#695 wrong output of trigonometric funtions for large value of argument

[Simone Fusi]

When the argument of trigonometric functions (sin cos tan) is sufficiently large (>= 1e19) in module, the output is wrong. In particular sin and cos output the argument instead of the function. cos(1e19) = 1e19

code example:
OPEN "cos.txt" FOR OUTPUT AS #1
Dim m as long
FOR m = 1 TO 100
PRINT #1, cos(10^(m)), cos(-10^(m)), sin(10^(m)),sin(-10^(m)), tan(10^(m)), tan(-10^(m))
next m
CLOSE #1

[Matthew]

The functions break at 2^63. At this point, double-precision values have a granularity of 1024. Since sin and cos have a periodicity of ~6.28 (and tan a periodicity of half that), this renders the values pretty much meaningless anyway.

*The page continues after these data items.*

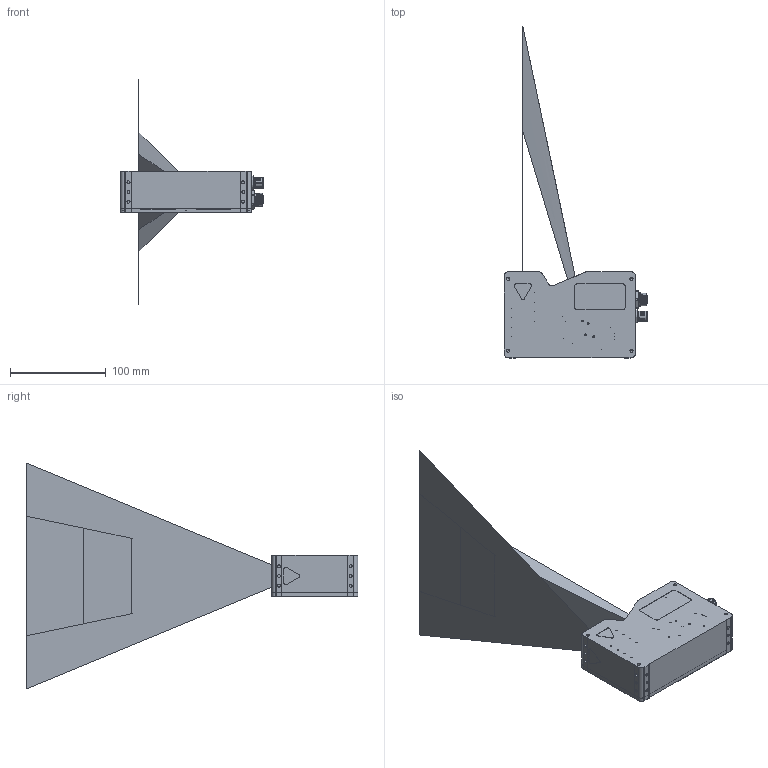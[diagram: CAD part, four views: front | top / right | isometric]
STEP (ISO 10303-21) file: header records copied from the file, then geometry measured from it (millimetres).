
FILE_DESCRIPTION(/* description */ (''),/* implementation_level */ '2;1');
FILE_NAME(/* name */ 'C6-S7-2040-CS-14-100-197-SX-1G-XXX-XX_Public.iam.stp',/* time_stamp */ '2025-06-10T10:12:49+02:00',/* author */ ('AT'),/* organization */ ('Automation Technology GmbH'),/* preprocessor_version */ 'ST-DEVELOPER v20',/* originating_system */ 'Autodesk Inventor 2024',/* authorisation */ '');
FILE_SCHEMA (('AUTOMOTIVE_DESIGN { 1 0 10303 214 3 1 1 }'));
Products named in the file (20): C6-S7-2040-CS-14-100-197-SX-1G-XXX-XX_Public; Glasscheibe33x1; EO: 48-924; SACC-DSI-MS-17CON-M12 SCO SH_1437119-01; SACC-DSI-MS-17CON-M12 SCO SH_1437119_Stecker; SACC-DSI-MS-17CON-M12 SCO SH_1437119_Mutter; SACC-DSI-MS-17CON-M12 SCO SH_1437119_Pins; SACC-DSI-MS-17CON-M12 SCO SH_1437119_Kunststoffeinsatz; SACC-DSI-FS-8CON-L180_SCO SH_1553860-01; SACC-DSI-FS-8CON-L180_SCO SH_1553860_Stecker; SACC-DSI-FS-8CON-L180_SCO SH_1553860_Mutter; SACC-DSI-FS-8CON-L180_SCO SH_1553860_Kunststoffeinsatz; 1292.6001; Screw GB/T 2672 M2,5 x 4; Screw GB/T 2672 M2,5 x 6; 202202010-028; 202202010-002; 202202010-009; 202202010-010; C6-S7-2040-CS-14-100-197-SX-1G-XXX-XX_Strahlengang
Assembly tree (36 placements, depth 3):
  C6-S7-2040-CS-14-100-197-SX-1G-XXX-XX_Public
    1292.6001  x5
    Glasscheibe33x1
    EO: 48-924
    SACC-DSI-MS-17CON-M12 SCO SH_1437119-01
      SACC-DSI-MS-17CON-M12 SCO SH_1437119_Stecker
      SACC-DSI-MS-17CON-M12 SCO SH_1437119_Mutter
      SACC-DSI-MS-17CON-M12 SCO SH_1437119_Pins
      SACC-DSI-MS-17CON-M12 SCO SH_1437119_Kunststoffeinsatz
    SACC-DSI-FS-8CON-L180_SCO SH_1553860-01
      SACC-DSI-FS-8CON-L180_SCO SH_1553860_Stecker
      SACC-DSI-FS-8CON-L180_SCO SH_1553860_Mutter
      SACC-DSI-FS-8CON-L180_SCO SH_1553860_Kunststoffeinsatz
    Screw GB/T 2672 M2,5 x 4  x8
    Screw GB/T 2672 M2,5 x 6  x7
    202202010-028
    202202010-002
    202202010-009
    202202010-010
    C6-S7-2040-CS-14-100-197-SX-1G-XXX-XX_Strahlengang
Bounding box: 150.15 x 347.1 x 236.39 mm (x, y, z)
Volume: 397191.8 mm3; surface area: 185980.9 mm2
Topology: 51 solids, 52 shells, 2268 faces, 5438 edges, 3385 vertices
Faces by surface type: cylinder 950, plane 880, bspline 181, cone 123, torus 85, sphere 49
Full cylindrical faces by diameter (mm): 0.217 x1, 0.6 x25, 0.63 x34, 0.9 x8, 1 x10, 1.1 x17, 1.2 x17, 1.5 x5, 1.567 x7, 1.6 x5, 2 x15, 2.013 x36, 2.208 x15, 2.4 x15, 2.5 x15, 2.6 x12, 2.8 x8, 3 x4, 3.242 x12, 5 x15, 5.5 x15, 7.7 x1, 8.25 x2, 8.3 x1, 8.7 x1, 10.5 x1, 10.7 x3, 10.917 x2, 12 x1, 12.2 x1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
Entity records: 86605 total; most frequent: CARTESIAN_POINT 45537, ORIENTED_EDGE 8184, DIRECTION 8085, EDGE_CURVE 4094, AXIS2_PLACEMENT_3D 2963, VERTEX_POINT 2702, LINE 2159, VECTOR 2159

I'd suggest a way of calculating the sine/cosine of very large angles using recursion and the double angle formula, but in a quick experiment it seems the error tends to blow up, so it would become unreliable pretty quickly.

[dkl]

Am I right thinking this is the normal behaviour then? (i.e. we can't really fix this, without using floats with more precision than 64 bits)

[Matthew]

It's part of the x87 specification. I couldn't find an "official" link in Google, but these two pages among others support it:

• http://www.softeng.rl.ac.uk/st/archive/SoftEng/SESP/html/SoftwareTools/vtune/users_guide/mergedProjects/analyzer_ec/mergedProjects/reference_olh/mergedProjects/instructions/instruct32_hh/vc115.htm
• http://software.intel.com/en-us/forums/topic/289702

To fix it we'd have to reduce values modulo Pi/4*2^63 for a more "meaningful" result. If we care about accuracy, we'd have to implement long divison with a value of Pi up to about 1024+64 bits precision, otherwise really high values would degenerate into pseudorandom noise.

Another solution might be to, as the first page says, check the C2 flag and then e.g. change results to sin 0 | cos 0 | tan 0.

By the way, I added notes to the Sin/Cos/Tan wiki pages.